Why is it so soft? Do you have a high-res copy?


----------



## Garbz (May 17, 2007)

Lol A photo like that excuses everything , Funniest thing I have seen all day.


----------



## JimmyJaceyMom (May 17, 2007)

haha yeah I bet she was very happy that you took that photo!  hee hee.


----------



## LaFoto (May 17, 2007)

Well, Max, my problem in the little gym where they have their classes is light! While it is a room with windows on both sides which give me large, white patches whenever they get into the frame, and while I also get white reflections on the floor wherever those windows reflect, which all in all presents my camera with a (too) high dynamic range, all together there is too little light. 

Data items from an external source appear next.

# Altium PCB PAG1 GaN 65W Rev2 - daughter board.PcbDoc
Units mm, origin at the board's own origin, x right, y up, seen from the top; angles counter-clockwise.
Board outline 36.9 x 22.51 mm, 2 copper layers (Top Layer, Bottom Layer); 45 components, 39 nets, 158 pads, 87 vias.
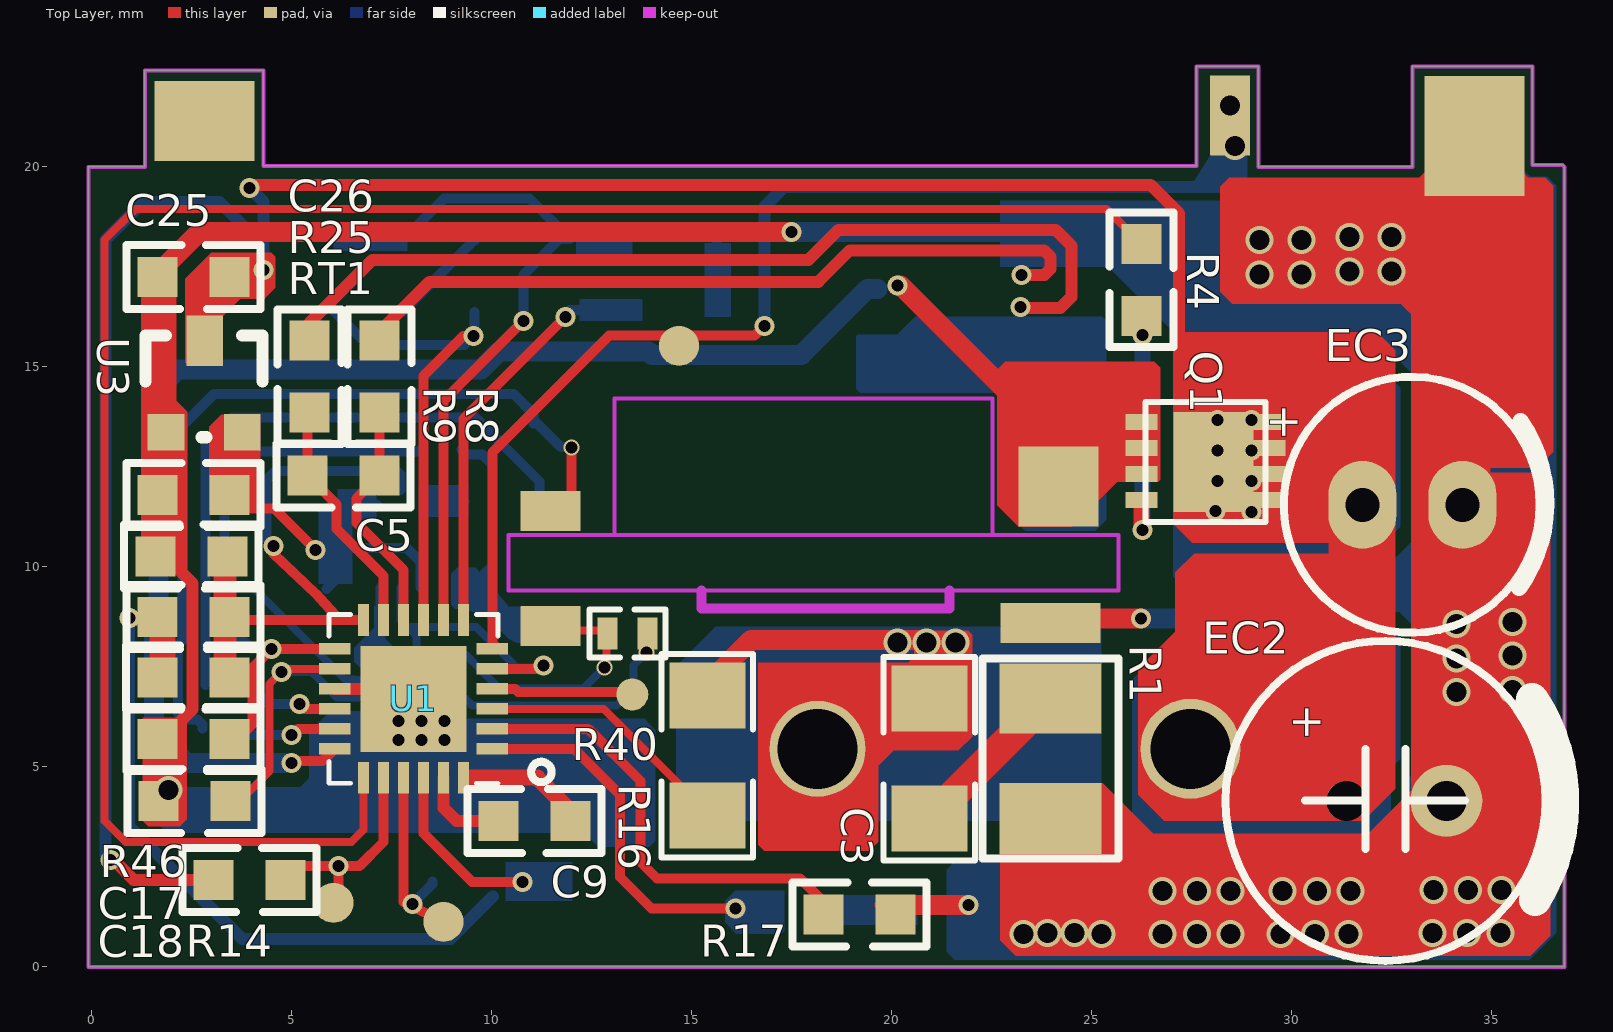
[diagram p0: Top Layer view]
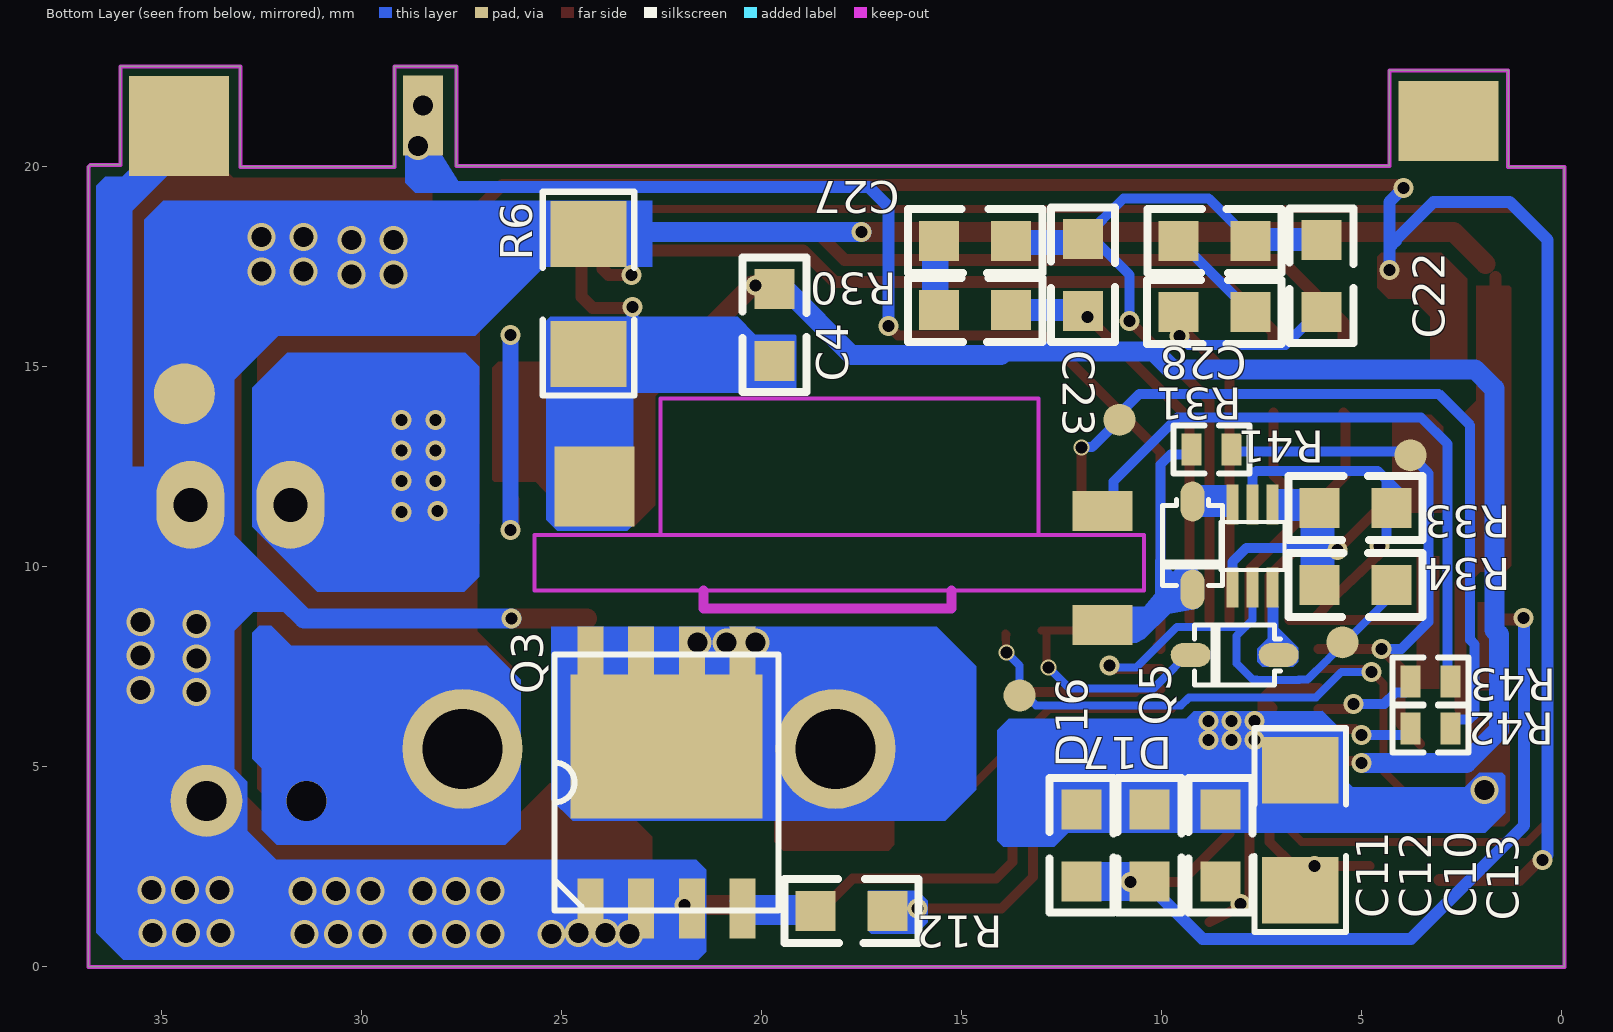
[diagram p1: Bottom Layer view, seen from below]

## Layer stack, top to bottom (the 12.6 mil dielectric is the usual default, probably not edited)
Top Solder: solder mask 0.0102, Solder Resist, Dk 3.5
Top Layer: signal copper 0.0356
Dielectric 1: dielectric 0.32, FR-4, Dk 4.8
Bottom Layer: signal copper 0.0356
Bottom Solder: solder mask 0.0102, Solder Resist, Dk 3.5

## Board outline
-0.07,0 -0.07,20 1.338,20 1.338,22.408 4.305,22.408 4.305,20.025 27.63,20.025 27.63,22.508 29.18,22.508 29.18,20 33.03,20 33.03,22.508 36.03,22.508 36.03,20.05 36.78,20.05 36.83,20 36.83,0

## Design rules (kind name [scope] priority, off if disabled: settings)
Clearance [All] p1: gap=0.254 ignorepadtopadclearanceinfootprint=FALSE except(0: Arc-Hole Track-Hole SMDPad-Hole THPad-Hole Via-Hole Fill-Hole Poly-Hole Region-Hole Text-Hole)
PolygonConnect [All] p1: connectstyle=Relief reliefconductorwidth=0.254 reliefentries=4 polygonreliefangle="90 Angle" airgapwidth=0.254
RoutingVias [All] p1: holewidth=0.711 width=1.27 viastyle="Through Hole" minholewidth=0.711 minwidth=1.27 maxholewidth=0.711 maxwidth=1.27
SolderMaskExpansion [All] p1: expansion=0.102 istentingtop=FALSE
Width [All] p1: maxlimit=0.254 minlimit=0.254 preferedwidth=0.254
30 further rules are at their usual default settings.

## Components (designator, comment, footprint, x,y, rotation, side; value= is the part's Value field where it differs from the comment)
C3 "2.2NF 200V" R1206 20.955,6.707 r270 top
C4 "2.2UF/25V" WS0603 19.68,16.05 r90 bottom
C5 "0.1UF" WS0603 6.305,12.287 r180 top
C9 "0.1UF" WS0603 11.08,3.65 r0 top
C10 "1UF" WS0603 8.53,3.038 r90 bottom
C11 "4.7UF/0805" WS0603 12.005,3.038 r90 bottom
C12 "0.1UF" WS0603 10.305,3.038 r90 bottom
C13 "10UF/1206" R1206 6.534,1.913 r90 bottom
C17 "390PF 25V" WS0603 2.555,5.7 r180 top
C18 "390PF  25V" WS0603 2.58,4.144 r180 top
C22 "10PF 25V" WS0603 6.005,17.275 r90 bottom
C23 "100PF 25V" WS0603 11.963,17.3 r90 bottom
C25 "1UF 25V" WS0603 2.555,17.25 r180 top
C26 "2.2UF 10V" WS0603 2.555,11.8 r180 top
C27 "47nF25v" WS0603 14.663,18.15 r180 bottom
C28 "1nF 25V" WS0603 8.68,18.15 r180 bottom
D16 "B0520WS  0.5A20V SOD323" SOD-323 9.229,11.627 r270 bottom
D17 "B0520WS  0.5A20V SOD323" SOD-323 7.08,7.8 r0 bottom
EC2 "680UF/25V" EC8-5 32.355,4.05 r0 top
EC3 "470UF/25V" EC6-2.5 31.78,11.55 r0 top locked
Q1 "BSZ0909LS" PPAK3*3 26.255,11.675 r0 top
Q3 "BSC0805LS" DFN5X6 22.38,4.607 r180 bottom
Q5 "MOS PNP-563" SOT-563 7.73,10.525 r180 bottom
R1 "1210 10R" R1210-t 24.055,6.792 r270 top
R4 "2.2R 0603" WS0603 26.255,17.175 r90 top
R6 "5mR   1206" R1206 24.33,15.325 r90 bottom
R8 "0R" WS0603 7.205,14.753 r90 top
R9 "0R" WS0603 5.455,14.753 r90 top
R12 "2.2R 0805" WS0603 17.755,1.4 r180 bottom
R14 "0R" WS0603 3.955,2.175 r180 top
R16 "6.98K 1206" R1206 15.405,6.782 r270 top
R17 "0R" WS0603 19.205,1.307 r180 top
R25 "100k" WS0603 2.502,10.258 r180 top
R30 "40.2K" WS0603 14.663,16.425 r180 bottom
R31 "200K" WS0603 8.683,16.375 r0 bottom
R33 "100K" WS0603 5.155,11.475 r0 bottom
R34 "100K" WS0603 5.155,9.55 r0 bottom
R40 "10R" R0402 12.902,8.333 r0 top
R41 "10R" R0402 9.252,12.933 r180 bottom
R42 "10R" R0402 2.777,5.958 r0 bottom
R43 "10R" R0402 2.777,7.133 r0 bottom
R46 "100K" WS0603 2.552,7.233 r0 top
RT1 "100K" ws0603 2.555,8.75 r180 top
U1 "CYPAS111A1 QFN24" "QFN24 cypd" 8.055,6.7 r180 top
U3 "SE8536" SOT-23 1.855,13.375 r0 top

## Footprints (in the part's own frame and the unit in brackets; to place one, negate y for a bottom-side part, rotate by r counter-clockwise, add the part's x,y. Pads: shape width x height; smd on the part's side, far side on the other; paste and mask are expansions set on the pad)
DFN5X6 [mm]
  rect 0.65x1.5 smd: 1(-1.905,-3.15) 2(-0.635,-3.15) 3(0.635,-3.15) 4(1.905,-3.15)
  rect 0.65x1.4 smd: 5(1.905,3.2) 6(0.635,3.2) 7(-0.635,3.2) 8(-1.905,3.2)
  rect 4.8x3.6 smd: 8(0,0.9)
  silkscreen extent -2.8,-3.2 2.8,3.2
EC6-2.5 [mm]
  oval 1.7x2.2 hole 0.85: 1(0,0) 2(2.5,0)
  silkscreen extent -1.96,-3.2 4.6,3.2
EC8-5 [mm]
  round 1 hole 1: 1(-0.975,0.1)
  round 1.8 hole 1: 2(1.525,0.1)
  silkscreen extent -4,-3.9 4.44,4.1
PPAK3*3 [mm]
  rect 0.8x0.4 smd: 1(0,1.95) 2(0,1.3) 3(0,0.65) 4(0,0) 5(3.2,0) 6(3.2,0.65) 7(3.2,1.3) 8(3.2,1.95)
  rect 2x2.5 smd: 8(1.8,0.95)
  round 0.3 on Top Overlay: ""(-0.454,2.539)
  silkscreen extent 0.1,-0.55 3.1,2.45
"QFN24 cypd" [mm]
  rect 0.79x0.28 smd: 1(-1.97,1.25) 2(-1.97,0.75) 3(-1.97,0.25) 4(-1.97,-0.25) 5(-1.97,-0.75) 6(-1.97,-1.25) 13(1.97,-1.25) 14(1.97,-0.75) 15(1.97,-0.25) 16(1.97,0.25) 17(1.97,0.75) 18(1.97,1.25)
  rect 0.28x0.79 smd: 7(-1.25,-1.97) 8(-0.75,-1.97) 9(-0.25,-1.97) 10(0.25,-1.97) 11(0.75,-1.97) 12(1.25,-1.97) 19(1.25,1.97) 20(0.75,1.97) 21(0.25,1.97) 22(-0.25,1.97) 23(-0.75,1.97) 24(-1.25,1.97)
  rect 2.65x2.65 smd: 25(0,0)
  oct 0.025x0.025 smd: 25(0,0)
  silkscreen extent -3.45,-2.11 2.11,2.11
R0402 [mm]
  rect 0.5x0.8 smd: 1(0,0) 2(1,0)
  silkscreen extent -0.45,-0.6 1.45,0.6
R1206 [mil]
  rect 65x75 smd: 1(0,0) 2(118.11,0)
  silkscreen extent -41,-45 159,45
R1210-t [mm]
  rect 1.78x2.54 smd: 1(3.085,-0.075)
  rect 1.75x2.54 smd: 2(0.085,-0.075)
  silkscreen extent -0.91,-1.78 4.09,1.62
SOD-323 [mm]
  oval 1x0.6 smd: A(-0.006,0.002) K(2.194,0.002)
  silkscreen extent -0.06,-0.75 2.09,0.75
SOT-23 [mil]
  rect 36x36 smd: 1(0.5,-0.39) 2(75.5,-0.39)
  rect 36x50 smd: 3(38.5,89.61)
  silkscreen extent -20,-5 96,95
SOT-563 [mm]
  rect 0.3x1 smd: 1(-0.5,-1.04) 2(0,-1.04) 3(0.5,-1.04) 4(0.5,1.03) 5(0,1.03) 6(-0.5,1.03)
  silkscreen extent -0.8,-0.6 0.8,0.6
WS0603 [mm]
  rect 1x1 smd: 1(-0.9,0) 2(0.9,0)
  silkscreen extent -1.68,-0.8 1.68,0.8, body extent -1.78,-0.9 1.78,0.9, height 1.27
ws0603 [mm]
  rect 1x1 smd: 1(-0.9,0) 2(0.9,0)
  silkscreen extent -1.68,-0.8 1.68,0.8, body extent -1.78,-0.9 1.78,0.9, height 1.27

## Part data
C3 C4 C5 C9 C10 C11 C12 C13 C17 C18 C22 C23 C25 C26 C27 C28: library part CAP1, "电容"
D16 D17: library part DIODE, "二极管"
EC2 EC3: library part CAP2, "电解电容"
Q1: library part DMTH10H010LCT_5
Q3: library part MOSFET_N
R1 R4 R6 R8 R9 R12 R14 R16 R17 R25 R30 R31 R33 R34 R40 R41 R42 R43 R46: library part RES2, "电阻"
RT1: library part "RESISTOR VAR 2_4"
U1: library part PAG1S_11
U3: library part ASO241-NO-SPST_0

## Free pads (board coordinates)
  rect 2.5x2 smd far side: 0(2.83,21.15)
  rect 2.5x2 smd: 0(2.83,21.15)
  rect 1.5x1 smd: 0(11.48,8.525) 0(11.48,11.4)
  rect 1.5x1 smd far side: 0(11.48,8.55) 0(11.48,11.4)
  round 2.4 / inner round 2.4 / far side round 3 hole 2: 0(18.155,5.45)
  rect 2.5x1 smd: 0(23.98,8.6)
  rect 2x2 smd far side: 0(24.18,12.007)
  rect 2x2 smd: 0(24.18,12.007)
  rect 1x2 smd far side: 0(28.47,21.278)
  rect 1x2 smd: 0(28.47,21.278)
  rect 2.5x2.5 smd far side: 0(34.566,21.024)
  rect 2.5x3 smd: 0(34.58,20.775)
  round 0.8 smd far side: 1(3.78,12.788) 1(5.48,8.112) 1(11.055,13.675) 1(13.552,6.783)
  round 1 smd: 1(6.055,1.599) 1(8.805,1.125) 1(14.694,15.523)
  round 0.8 smd: 1(13.527,6.808)
  round 2.5 / inner round 3 / far side round 3 hole 2: 1(27.48,5.45)
  round 1.524 smd far side: 1(34.43,14.325)

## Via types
v1: diameter 0.5, hole 0.3, Top Layer to Bottom Layer, 42 vias
v2: diameter 0.7, hole 0.5, Top Layer to Bottom Layer, 42 vias
v3: diameter 0.4, hole 0.3, Top Layer to Bottom Layer, 3 vias

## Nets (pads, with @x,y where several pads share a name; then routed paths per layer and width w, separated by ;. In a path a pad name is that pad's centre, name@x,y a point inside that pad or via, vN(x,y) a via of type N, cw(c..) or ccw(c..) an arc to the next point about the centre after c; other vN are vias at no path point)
CC1: C18.1 pad.1@13.552,6.783 R40.2 U1.14 | length 16.3
  Top Layer w0.2: C18.1@3.565,4 4.455,4.89 4.455,7.075 v1(4.755,7.375) ; v1@4.755,7.45 U1.14 ; v3(13.877,7.858) 13.889,7.87 13.889,8.296 R40.2@13.877,8.308 ; R40.2@13.902,8.183 R40.2
  Bottom Layer w0.2: v1(4.755,7.375) 5.505,7.375 6.146,6.734 9.317,6.734 9.522,6.529 13.136,6.529 13.39,6.783 13.552,6.783 13.552,7.533 v3(13.877,7.858)
CC2: C17.1 pad.1@3.78,12.788 R41.2 U1.13 | length 14.9
  Top Layer w0.25: C17.1@3.54,5.575 4.03,6.065 4.03,7.477 v1(4.503,7.95) U1.13@5.752,7.95 ; U1.13@5.752,7.95 U1.13 U1.13@5.752,7.95
  Bottom Layer w0.25: pad.1@3.78,12.788 3.33,12.338 3.33,8.625 4.005,7.95 v1(4.503,7.95) ; pad.1@3.877,12.908 3.906,12.879 8.198,12.879 R41.2
DM_GPIO4: R43.2 U1.16 | length 2.7
  Top Layer w0.25: v1(5.205,6.575) 5.33,6.45 U1.16
  Bottom Layer w0.25: R43.2@3.802,7.133 3.802,6.958 3.902,6.858 4.152,6.858 4.435,6.575 v1(5.205,6.575)
DP_GPIO5: R42.2 U1.17 | length 2.5
  Top Layer w0.25: v1@5.03,5.8 5.005,5.825 5.03,5.85 5.068,5.85 5.168,5.95 U1.17@6.085,5.95
  Bottom Layer w0.25: R42.2@3.727,5.933 3.86,5.8 v1(5.005,5.8)
GPIO0: pad.1@5.48,8.112 Q5.2 R34.1 U1.5 | length 12.5
  Top Layer w0.25: U1.5 11.148,7.45 11.234,7.537 v1(11.302,7.537)
  Bottom Layer w0.2: R34.1@3.98,9.55 5.449,8.081 5.855,7.675 ; 5.88,7.65 6.351,7.179 6.562,7.179 6.571,7.169 7.614,7.169 7.623,7.179 7.721,7.179 8.13,7.587 8.13,8.275 7.905,8.5 ; Q5.2 7.73,8.675 7.905,8.5 ; v1(11.302,7.537) 11.248,7.483 10.637,7.483 9.62,8.5 7.905,8.5
GPIO3: Q5.5 R25.1 R33.1 R46.2 RT1.1 U1.12 | length 13.6
  Top Layer w0.25: R25.1@3.315,10.275 3.315,8.75 3.395,8.67 6.21,8.67 ; v1(4.555,10.525) 4.555,10.325 5.607,9.331 6.21,8.67 ; U1.12 6.21,8.67
  Bottom Layer w0.25: R33.1@4.08,11.875 4.38,12.175 ; v1(4.555,10.525) 4.38,10.7 4.38,11.475 4.38,12.175 ; Q5.5@7.73,11.925 7.73,12.303 7.633,12.4 4.605,12.4 4.38,12.175
NetC3_1: C3.1 pad.0@18.155,5.45 Q3.5 Q3.6 Q3.7 Q3.8 R16.1 | length 7.9
  Top Layer w0.5: R16.1 15.405,7.082 16.498,8.175 20.155,8.175 20.93,8.175 20.88,8.125 v2(20.88,8.107)
  Bottom Layer w0.5: Q3.8@22.655,5.7 Q3.8@24.155,5.7
  other v2: 20.155,8.107 21.605,8.107
NetC3_2: C3.2 R1.2 | length 4.3
  Top Layer w0.25: C3.2@20.945,3.975 21.27,3.975 R1.2@24.08,6.785
NetC5_1: C5.1 R8.1 U1.10 | length 5.9
  Top Layer w0.25: R8.1 C5.1 6.63,11.712 6.63,11.1 7.805,9.925 U1.10
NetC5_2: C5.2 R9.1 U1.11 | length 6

Therefore I tested it out and came to the conclusion: only ISO 1600 is what works. Mostly so because a) no one waits for me, they carry on their classes as if I were not there and b) I must photograph everything from the periphery of the room, I cannot walk up close to people, which means that I have to zoom in quite a bit. Zoom combined with movement (remember, it is a dance class) ... and that high ISO is the choice of the day.

And this photo was then put through NeatImage before I compressed the filtered version for web presentation. That may very well account for the softness, while the original has ... noise. :roll: So there. Such was the situation.

The assignment is for me to show the progression of their work, and to produce photos in which the dancers recognise themselves. So anything "artistic" in the way of emayd's much admired (by me) ballet photography is not required at this point in my work. I might consider trying out something like that at a later point in time when they start doing their last rehearsals on stage, with the stage lights. Who knows? It much depends on what the situation then will allow.

And JimmyJaceyMom: I still don't know why she did this and what it was for. While I know the music she uses for her choreography, many parts of the choreography were all new to me when I first arrived in her classes, so I had to sit there, watch, get a feel for what is important to be captured in photos, and be really really quick all the time. They never waited for me or repeated something FOR ME (when they made mistakes they would have to repeat something, but never for me). I guess her dancers were supposed to "imagine something very frightening" at this point, and to express their fright in facial expression and body language, and in order to remind them, she jumped up and onto that chair, looming over them with this expression? That is how this came about.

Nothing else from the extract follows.